Various apparatuses are known for providing a curative effect by irradiating spots on a patient's body with low-power insertable laser devices. Such apparatus are generally configured with one or more laser diodes configured for emitting outputs in the range of 5 mW to 10 mW and wavelengths in the range of 635 nm to 650 nm, and a low power laser diode driver for arbitrarily adjusting the amount of laser beam emitted from the on or more laser diodes.

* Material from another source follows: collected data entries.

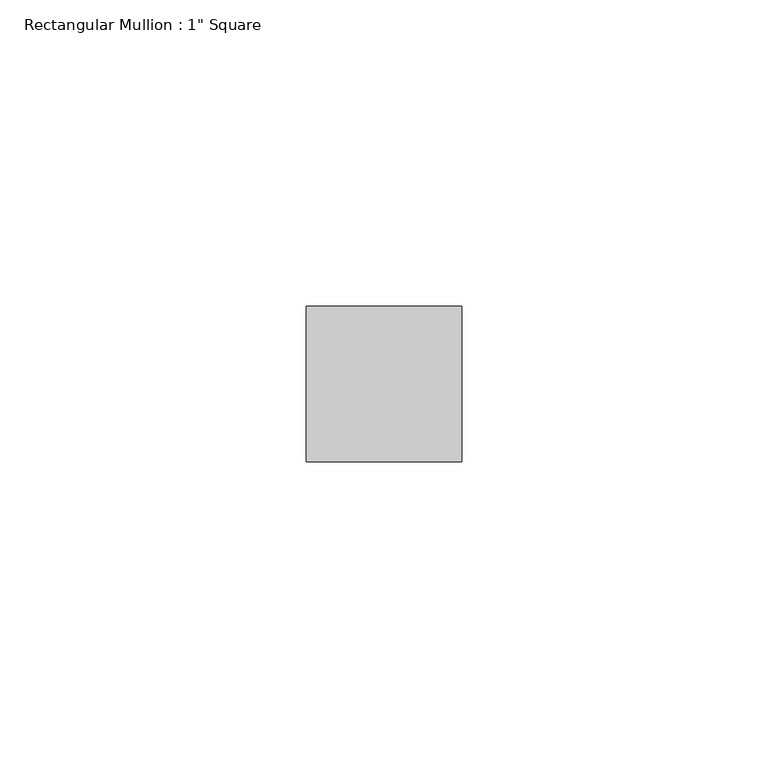
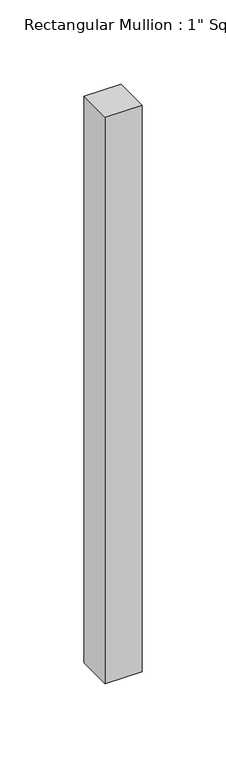
"""IFC4 building model written with IfcOpenShell, lengths in millimetres: member geometry."""

from ifc_helpers import new_model, si_unit, frame, origin, place, context, project, spatial, polyline, outline, extrude, source, transform, mapped, element, save


def member_9fdc781f(model_context):
    return source(origin(), model_context, "Body", "SweptSolid", [
        extrude(outline(polyline([(12.7, 12.7), (12.7, -12.7), (-12.7, -12.7), (-12.7, 12.7), (12.7, 12.7)])), frame((0.0, 0.0, -411.4022832), z_axis=(0.0, 0.0, 1.0), x_axis=(1.0, 0.0, 0.0)), (0.0, 0.0, 1.0), 411.4022832),
    ])


if __name__ == "__main__":
    model = new_model("IFC4")
    model_context = context("Model", 3, world=origin())
    ifc_project = project(units=[si_unit("LENGTHUNIT", "METRE", prefix="MILLI")], contexts=[model_context])
    site = spatial("IfcSite", under=ifc_project)
    building = spatial("IfcBuilding", under=site)
    placement = place(None, origin())
    member_shape = member_9fdc781f(model_context)
    element("IfcMember", 1, ObjectType="Rectangular Mullion : 1\" Square", at=placement, inside=building, context=model_context, shape_type="MappedRepresentation", body=[
        mapped(member_shape, transform((0.0, 0.0, 0.0), x_axis=(1.0, 0.0, 0.0), y_axis=(0.0, 1.0, 0.0), z_axis=(0.0, 0.0, 1.0))),
    ])
    save(model, "model.ifc")

# Revit data of these elements
# Type "Rectangular Mullion : 1\" Square"
#   built-in parameter 1007304 = 0.0833333 (stored number, unit not read)
#   built-in parameter 1007301 = 0.0416667 (stored number, unit not read)
#   built-in parameter 1007300 = 0.0416667 (stored number, unit not read)
# Element 1 (IfcMember, "Rectangular Mullion : 1\" Square")
#   Materials on its faces: "Metal - Aluminum"
# Materials
#   "Metal - Aluminum": class "Metal", colour RGB 247 247 247, transparency 0

For example, Korean Utility Model No. 302173 discloses an electric mat for uniformly emitting a laser beam through a low power laser diode. Korean Utility Model No. 270882 discloses a waist belt including a laser generator having a laser diode for emitting laser light having a wavelength of 580˜980 nm to stimulate the lumbar, thereby performing finger-pressure treatment and therefore medical treatment of a disc. Korean Utility Model No. 274266 discloses a laser for medical treatment and an LED blanket capable of widening a curative range, for example, irradiation of spots on the body suitable for acupuncture, chronic article rheumatism, frozen shoulder, lumbago, cervical vertebral sprain, gout, wrench, bruising, arthritis, stress gastritis, and so on. Korean Patent No. 457964, issued to the present applicant, discloses a laser beam radiator capable of non-invasively irradiating blood in a blood vessel with a laser beam according to a position and a thickness of the blood vessel by adjusting a distance of the laser beam condensed through an optical lens, activating metabolism of a cell by stimulating a blood cell using a laser beam, increasing formation of capillary vessels to improve blood circulation, and increasing speed of tissue treatment to activate living organisms.
While another laser apparatus using a laser beam disposed in an array for providing use convenience is proposed to be adapted to various soft materials such as a chair, a hat, a bed, a belt, and so on, when the laser beam is disposed in the soft materials in an array, a red laser capable of being output appropriately to non-invasively break down fat (about, more than 30 mW) should be used. However, since the red laser requires a separate radiation structure, there is no way of breaking down fat by non-invasively irradiating a human body.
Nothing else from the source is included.